Licia, if only you were here! Looking out my upstairs window right now, my view is of our fig tree, which has dropped it's leaves for the winter, but still has probably 80-100 figs left on it.  I love them too!



lhanson, another pear idea: dip slices in a cinnamon-cream fondue, perhaps?


----------



## Constance (Dec 31, 2005)

An ex-in-law used to poach pears in wine with mixed pickling spice. I don't remember what kind of wine it was, but the pears turned out pink. They were really good!


----------



## licia (Dec 31, 2005)

jkath, just think of those of us who aren't so lucky when you are relishing your figs. I'm glad someone has them, even if I can't. Enjoy!


----------



## mish (Dec 31, 2005)

Happy to see several fig lovers here, like myself. Look forward to seeing lots n lots of fig recipes from the members here. 
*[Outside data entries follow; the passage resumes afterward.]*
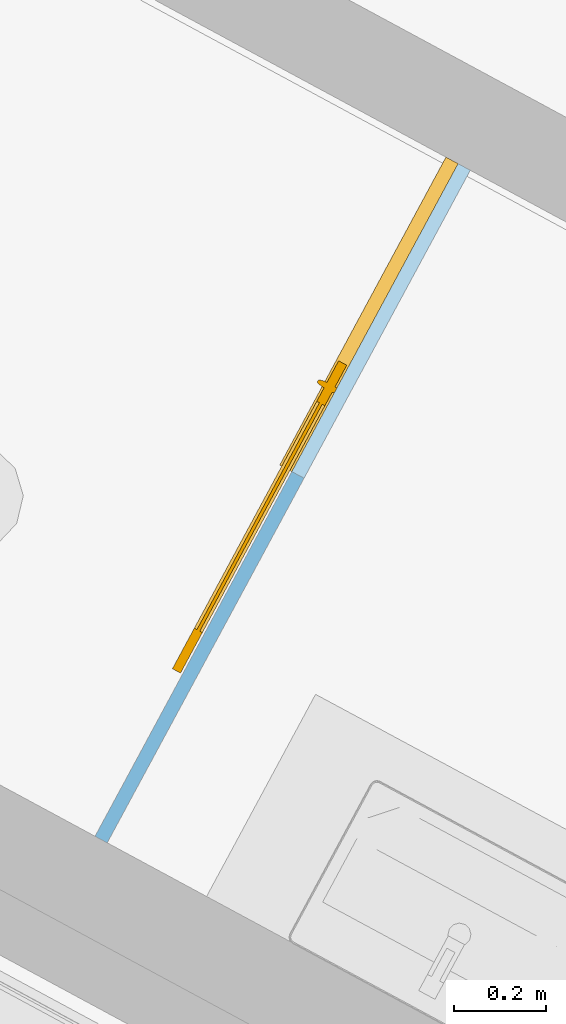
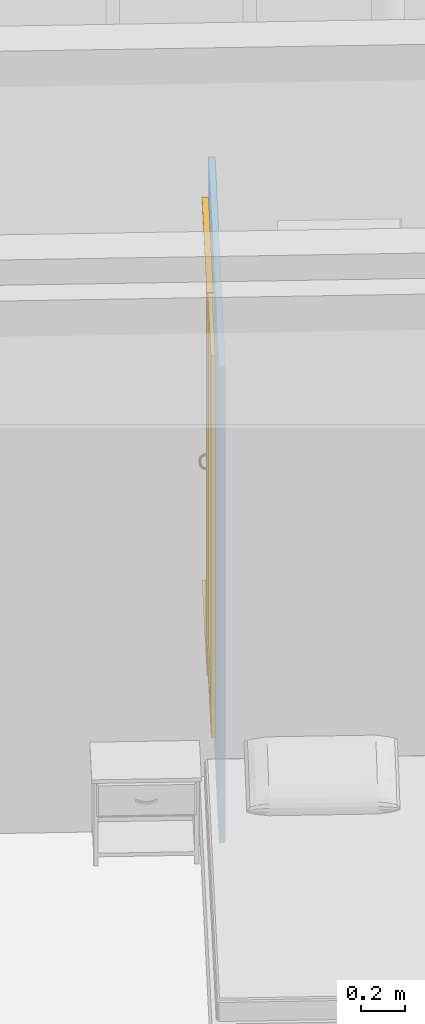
# One storey, part 7 of 41: 1 door, 1 opening, plus 1 element that does not belong to this part.
"""IFC2X3 building model written with IfcOpenShell, lengths in metres."""

from ifc_helpers import new_model, entity, si_unit, converted_unit, derived_unit, money_unit, direction, frame, origin_with_axes, place, context, subcontext, project, spatial, polyline, outline, extrude, faceted_brep, material, layer, layer_set, layer_usage, type_object, element, fill, save


model = new_model("IFC2X3")

# Units and contexts
model_context = context("Model", 3, precision=1e-05, world=origin_with_axes(), true_north=direction((0.0, 1.0)))
body_context = subcontext(model_context, "Body", "Model", "MODEL_VIEW")
ifc_project = project(units=[si_unit("LENGTHUNIT", "METRE"), si_unit("AREAUNIT", "SQUARE_METRE"), si_unit("VOLUMEUNIT", "CUBIC_METRE"), converted_unit("PLANEANGLEUNIT", "DEGREE", entity("IfcPlaneAngleMeasure", 0.0174532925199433), si_unit("PLANEANGLEUNIT", "RADIAN"), dimensions=[0, 0, 0, 0, 0, 0, 0]), money_unit("EUR"), converted_unit("TIMEUNIT", "Year", entity("IfcTimeMeasure", 31556926.0), si_unit("TIMEUNIT", "SECOND"), dimensions=[0, 0, 1, 0, 0, 0, 0]), si_unit("MASSUNIT", "GRAM", prefix="KILO"), si_unit("THERMODYNAMICTEMPERATUREUNIT", "DEGREE_CELSIUS"), si_unit("LUMINOUSINTENSITYUNIT", "LUMEN"), si_unit("ENERGYUNIT", "JOULE", prefix="MEGA"), derived_unit("THERMALCONDUCTANCEUNIT", [(si_unit("POWERUNIT", "WATT"), 1), (si_unit("LENGTHUNIT", "METRE"), -1), (si_unit("THERMODYNAMICTEMPERATUREUNIT", "KELVIN"), -1)]), derived_unit("SPECIFICHEATCAPACITYUNIT", [(si_unit("ENERGYUNIT", "JOULE"), 1), (si_unit("MASSUNIT", "GRAM", prefix="KILO"), -1), (si_unit("THERMODYNAMICTEMPERATUREUNIT", "KELVIN"), -1)]), derived_unit("MASSDENSITYUNIT", [(si_unit("MASSUNIT", "GRAM", prefix="KILO"), 1), (si_unit("VOLUMEUNIT", "CUBIC_METRE"), -1)])], contexts=[model_context])

# Site, building, storey
site_placement = place(None, frame((-3.949935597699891, 1.740105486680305, 0.0), z_axis=(0.0, 0.0, 1.0), x_axis=(0.8799804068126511, -0.475009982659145, 0.0)))
site = spatial("IfcSite", under=ifc_project, at=site_placement, Name="Gelände", CompositionType="ELEMENT")
building_placement = place(site_placement, origin_with_axes())
building = spatial("IfcBuilding", under=site, at=building_placement, Name="Gebäude", CompositionType="ELEMENT")
storey_placement = place(building_placement, frame((0.0, 0.0, 4.55), z_axis=(0.0, 0.0, 1.0), x_axis=(1.0, 0.0, 0.0)))
storey = spatial("IfcBuildingStorey", under=building, at=storey_placement, Name="Staffelgeschoss", CompositionType="ELEMENT", Elevation=4.55)

# Wall, opening, door
ifc_material = material(Name="Glas, Normalglas-50% durchlässig")
ifc_layer = layer(ifc_material, 0.03, ventilated="UNKNOWN")
ifc_layer_set = layer_set([ifc_layer], Name="Glas, Normalglas-50% durchlässig 0.03")
ifc_layer_usage = layer_usage(ifc_layer_set, "AXIS2", "NEGATIVE", 0.0)
wall_type = type_object("IfcWallType", Name="Glas, Normalglas-50% durchlässig 30", PredefinedType="USERDEFINED")
wall_placement = place(storey_placement, frame((6.782480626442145, 5.493065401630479, -0.2999999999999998), z_axis=(0.0, 0.0, 1.0), x_axis=(0.0, 1.0, 0.0)))
wall = element("IfcWallStandardCase", 1, at=wall_placement, inside=storey, type_object=wall_type, material=ifc_layer_usage, Name="L-Wand033", ObjectType="PARTITIONING", context=body_context, shape_type="SweptSolid", body=[
    extrude(outline(polyline([(0.0, -0.03000000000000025), (1.659970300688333, -0.03000000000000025), (1.659970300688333, 0.0), (0.0, 0.0), (0.0, -0.03000000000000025)])), origin_with_axes(), (0.0, 0.0, 1.0), 2.654999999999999),
])
opening_placement = place(wall_placement, frame((1.279970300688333, 0.0, 0.2999999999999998), z_axis=(0.0, 0.0, 1.0), x_axis=(1.0, 0.0, 0.0)))
opening = element("IfcOpeningElement", 2, at=opening_placement, cuts=wall, Name="Tür-017", context=body_context, shape_type="Brep", body=[
    faceted_brep([(-0.3799999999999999, 0.001000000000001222, 2.105), (-0.3799999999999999, 0.0, 2.105), (-0.3799999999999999, 0.0, 0.0), (-0.3799999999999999, -0.03100000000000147, 0.0), (-0.3799999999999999, -0.03100000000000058, 2.135), (-0.3799999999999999, 0.001000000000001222, 2.135), (-0.3799999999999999, 0.03000000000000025, 2.105), (-1.28, 0.03000000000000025, 2.105), (-1.28, 0.0, 2.105), (-1.28, 0.0, 0.0), (-0.3799999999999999, 0.001000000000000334, 0.0), (0.3799999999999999, 0.001000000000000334, 0.0), (0.3799999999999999, -0.03100000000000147, 0.0), (0.3799999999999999, -0.03100000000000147, 2.135), (0.3799999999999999, 0.001000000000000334, 2.135), (-0.3799999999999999, 0.03000000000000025, 0.0), (-1.28, 0.03000000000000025, 0.0)], [[[0, 1, 2, 3, 4, 5]], [[1, 0, 6, 7, 8]], [[2, 1, 8, 9]], [[2, 10, 11, 12, 3]], [[4, 3, 12, 13]], [[14, 5, 4, 13]], [[10, 0, 5, 14, 11]], [[0, 10, 15, 6]], [[7, 6, 15, 16]], [[8, 7, 16, 9]], [[10, 2, 9, 16, 15]], [[11, 14, 13, 12]]]),
])
door_style = type_object("IfcDoorStyle", Name="Schiebetür 02 1-Fl 26", ConstructionType="NOTDEFINED", OperationType="SLIDING_TO_LEFT", ParameterTakesPrecedence=False, Sizeable=False)
door_placement = place(opening_placement, frame((0.3799999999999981, 0.0, 0.0), z_axis=(0.0, 0.0, 1.0), x_axis=(-1.0, 0.0, 0.0)))
door = element("IfcDoor", 3, at=door_placement, inside=storey, type_object=door_style, Name="Tür-017", ObjectType="DOOR", OverallHeight=2.135, OverallWidth=0.76, context=body_context, shape_type="Brep", body=[
    faceted_brep([(4.999999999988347e-05, 0.0, 0.0), (4.999999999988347e-05, 0.0, 0.003000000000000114), (0.7599499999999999, 0.0, 0.003000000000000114), (0.7599499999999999, 0.0, 0.0), (4.999999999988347e-05, -0.03000000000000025, 0.0), (4.999999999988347e-05, -0.03000000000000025, 0.003000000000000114), (0.7599499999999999, -0.03000000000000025, 0.003000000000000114), (0.7599499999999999, -0.03000000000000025, 0.0)], [[[0, 1, 2, 3]], [[0, 4, 5, 1]], [[1, 5, 6, 2]], [[3, 2, 6, 7]], [[4, 0, 3, 7]], [[5, 4, 7, 6]]]),
    faceted_brep([(4.999999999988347e-05, 0.0, 2.134899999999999), (4.999999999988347e-05, -0.03000000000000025, 2.134899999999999), (0.7599499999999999, -0.03000000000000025, 2.134899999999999), (0.7599499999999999, 0.0, 2.134899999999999), (4.999999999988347e-05, 0.0, 2.124899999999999), (4.999999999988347e-05, -0.003000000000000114, 2.124899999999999), (4.999999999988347e-05, -0.003000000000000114, 2.131899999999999), (4.999999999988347e-05, -0.02700000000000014, 2.131899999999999), (4.999999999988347e-05, -0.02700000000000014, 2.124899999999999), (4.999999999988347e-05, -0.03000000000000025, 2.124899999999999), (0.7599499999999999, -0.03000000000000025, 2.124899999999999), (0.7599499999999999, -0.02700000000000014, 2.124899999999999), (0.7599499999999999, -0.02700000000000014, 2.131899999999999), (0.7599499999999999, -0.003000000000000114, 2.131899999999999), (0.7599499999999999, -0.003000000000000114, 2.124899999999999), (0.7599499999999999, 0.0, 2.124899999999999)], [[[0, 1, 2, 3]], [[0, 4, 5, 6, 7, 8, 9, 1]], [[1, 9, 10, 2]], [[3, 2, 10, 11, 12, 13, 14, 15]], [[4, 0, 3, 15]], [[5, 4, 15, 14]], [[6, 5, 14, 13]], [[7, 6, 13, 12]], [[8, 7, 12, 11]], [[9, 8, 11, 10]]]),
    faceted_brep([(1.25995, -0.004999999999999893, 0.1029999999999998), (1.25995, -0.02500000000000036, 0.1029999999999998), (1.15995, -0.02500000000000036, 0.1029999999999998), (1.15995, -0.004999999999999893, 0.1029999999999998), (1.25995, -0.004999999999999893, 2.031899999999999), (1.25995, -0.02500000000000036, 2.031899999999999), (1.15995, -0.02500000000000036, 2.031899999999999), (1.15995, -0.004999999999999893, 2.031899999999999)], [[[0, 1, 2, 3]], [[4, 5, 1, 0]], [[1, 5, 6, 2]], [[3, 2, 6, 7]], [[0, 3, 7, 4]], [[7, 6, 5, 4]]]),
    faceted_brep([(0.5000499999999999, -0.004999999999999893, 2.031899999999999), (0.5000499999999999, -0.02500000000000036, 2.031899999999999), (0.6000499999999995, -0.02500000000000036, 2.031899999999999), (0.6000499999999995, -0.004999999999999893, 2.031899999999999), (0.5000499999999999, -0.004999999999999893, 0.1029999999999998), (0.5000499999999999, -0.02500000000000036, 0.1029999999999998), (0.6000499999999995, -0.02500000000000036, 0.1029999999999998), (0.6000499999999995, -0.004999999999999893, 0.1029999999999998)], [[[0, 1, 2, 3]], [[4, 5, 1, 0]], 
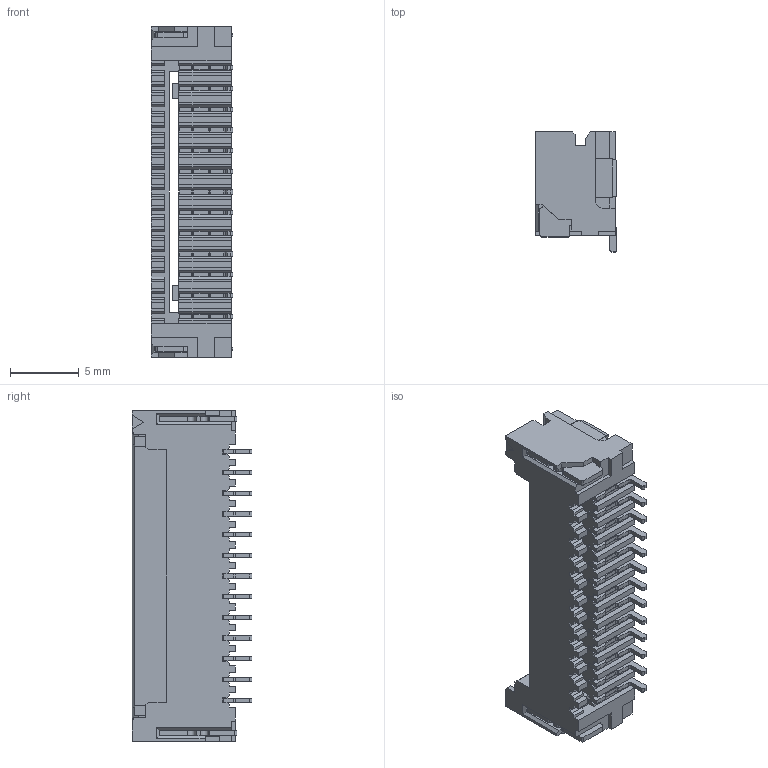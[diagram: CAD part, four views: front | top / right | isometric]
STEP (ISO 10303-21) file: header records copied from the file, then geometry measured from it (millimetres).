
FILE_DESCRIPTION (( 'STEP AP203' ), '1' );
FILE_NAME ('HC-ZE-13AWT（卧贴-HCTL）.STEP', '2024-08-24T07:00:23', ( '' ), ( '' ), 'SwSTEP 2.0', 'SolidWorks 2022', '' );
FILE_SCHEMA (( 'CONFIG_CONTROL_DESIGN' ));
Length unit declared in the file: millimetre
Products named in the file (1): HC-ZE-13AWT（卧贴-HCTL）
Bounding box: 5.9 x 8.7 x 24 mm (x, y, z)
Volume: 445.8 mm3; surface area: 1767.1 mm2
Topology: 14 solids, 14 shells, 1160 faces, 3477 edges, 2302 vertices
Faces by surface type: plane 893, cylinder 267
Entity records: 38898 total; most frequent: ORIENTED_EDGE 6954, CARTESIAN_POINT 6940, DIRECTION 6333, EDGE_CURVE 3477, VECTOR 2943, LINE 2943, VERTEX_POINT 2302, AXIS2_PLACEMENT_3D 1695
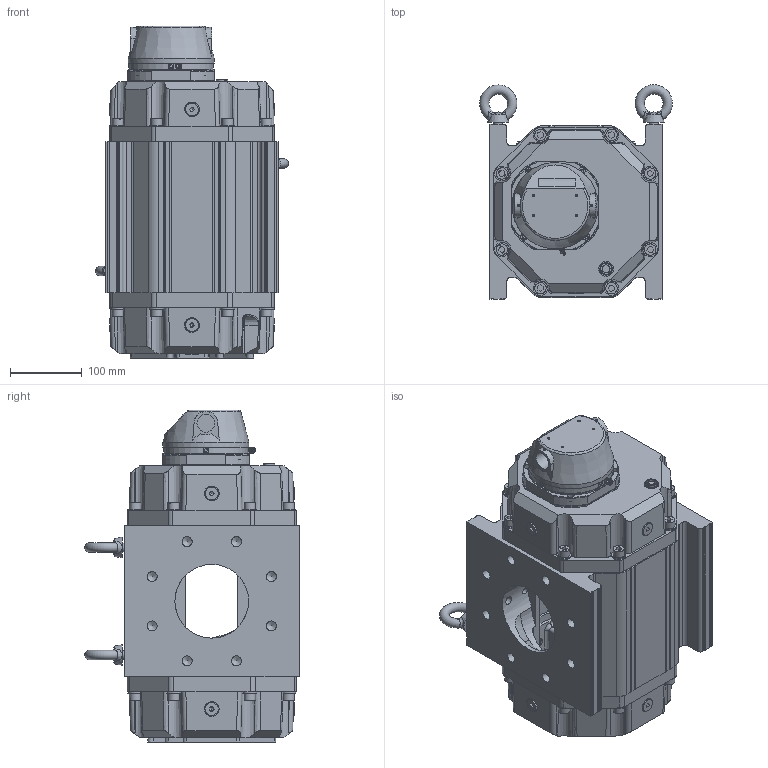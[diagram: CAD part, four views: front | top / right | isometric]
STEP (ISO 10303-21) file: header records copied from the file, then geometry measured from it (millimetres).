
FILE_DESCRIPTION(('STEP AP203'), '1');
FILE_NAME('G160-DN100', '2024-02-08T15:28:07', (''), (''), 'C3D Converter', 'C3D Toolkit', '');
FILE_SCHEMA(('CONFIG_CONTROL_DESIGN'));
Length unit declared in the file: millimetre
Products named in the file (1): G160-4
Bounding box: 269.19 x 299.1 x 463.3 mm (x, y, z)
Volume: 8990262.7 mm3; surface area: 892518.6 mm2
Topology: 5 solids, 8 shells, 1569 faces, 3941 edges, 2462 vertices
Faces by surface type: plane 646, cylinder 423, bspline 195, cone 191, torus 112, sphere 2
Full cylindrical faces by diameter (mm): 2 x12, 2.05 x2, 2.5 x8, 3 x4, 3.175 x1, 3.2 x1, 3.3 x1, 4.2 x4, 4.5 x1, 5.2 x4, 5.774 x9, 6.2 x1, 6.3 x1, 6.35 x4, 7.8 x4, 8 x4, 8.5 x11, 9 x2, 9.4 x4, 10 x2, 10.2 x2, 11 x9, 11.125 x2, 12 x2, 13.096 x13, 14 x18, 15 x1, 16 x21, 17 x2, 17.6 x4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
Entity records: 91353 total; most frequent: CARTESIAN_POINT 45103, ORIENTED_EDGE 6932, DIRECTION 6399, EDGE_CURVE 3466, AXIS2_PLACEMENT_3D 2526, VERTEX_POINT 2400, EDGE_LOOP 2110, FACE_BOUND 1603

Licia, if I could, I would send you some from sunny so. california. Meanwhile, in the off-season, wonder if dates might work?  BTW, I had the bestest Date shake when I stayed in Palm Springs... lol, but that's a whole 'nother recipe. :-]


----------



## Bugs (Dec 31, 2005)

SEND THEM TO ME!!!!!!!!!   num num


----------



## Cherry2000 (Dec 31, 2005)

Wow...some really great looking recipes here. Thanks for all the replies so far.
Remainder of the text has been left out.